Ich nehme an, dass wir uns jetzt auf der Startseite der "Routerhomepage" befinden. Bitte ändere dort keine Einstellungen wenn du nicht weißt, was es bedeutet. 
Wie schon gesagt, es gibt viele verschiedene Routermodelle, deshalb musst du jetzt selber die "Homepage" nach "Port-Forwarding", "Port-Freigabe", "Virtual-Servers", "Ports" oder ähnlichem durchsuchen. 
Dort sollten sich mindestens 2 Textfelder befinden:
Das Textfeld, in das der benötigte Port eingegeben wird und das Textfeld, in das deine Lokale IP-Adresse eingegeben werden muss (192.168.x.x). TeamSpeak verwendet folgende Ports:

- 8767 wäre der UDP-Standartport. (Nur dieser ist notwendig um sich mit dem Server von ausserhalb zu verbinden. Wenn ein neuer virtueller Server mit Port 8768 gestartet wird, so muss die Port-Freigabe auch für diesen konfiguriert werden)

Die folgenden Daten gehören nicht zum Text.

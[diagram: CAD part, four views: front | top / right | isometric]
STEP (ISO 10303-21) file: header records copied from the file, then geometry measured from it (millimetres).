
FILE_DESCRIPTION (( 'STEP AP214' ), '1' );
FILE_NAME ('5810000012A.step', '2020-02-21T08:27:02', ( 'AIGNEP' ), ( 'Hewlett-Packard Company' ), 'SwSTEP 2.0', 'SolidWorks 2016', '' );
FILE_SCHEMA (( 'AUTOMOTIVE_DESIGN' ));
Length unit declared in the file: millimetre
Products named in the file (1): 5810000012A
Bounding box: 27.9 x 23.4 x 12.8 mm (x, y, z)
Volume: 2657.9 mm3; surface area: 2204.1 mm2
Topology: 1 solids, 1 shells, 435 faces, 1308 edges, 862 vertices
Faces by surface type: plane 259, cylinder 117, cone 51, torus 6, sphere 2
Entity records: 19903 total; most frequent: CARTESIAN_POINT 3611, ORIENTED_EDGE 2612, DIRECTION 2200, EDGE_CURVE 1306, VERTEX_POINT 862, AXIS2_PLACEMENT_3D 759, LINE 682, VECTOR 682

- 14534 wäre der TCP-WebInterfaceport. (Zur Administration)

- 51234 wäre der TCP-Telnetport. (Fortgeschrittene)

Nach der Eingabe der gewünschten Ports den Button "Save", "Commit" oder ähnliches betätigen, sonst werden die Einstellungen nicht gespeichert!

----------------------------------------------------------
*3.0 Backup erstellen* 
----------------------------------------------------------
Manchmal ist es sinnvoll, zwischendurch ein Backup (Sicherung) vom TeamSpeak-Server vorzunehmen. Im Falle einer Übernahme des Servers oder durch Dummheit kann es schnell vorkommen, dass man mit leeren Händen da steht. Genau in dieser Sektion wollen wir das verhindern: (Es gibt auch andere Wege ein Backup von Dateien zu erstellen, jedoch sind das Scripte die mehr Linux-Kenntnisse erfordern. Als Anfänger kann man dadurch das System beschädigen. Deshalb machen wir das noch auf die "unmoderne" Tour.)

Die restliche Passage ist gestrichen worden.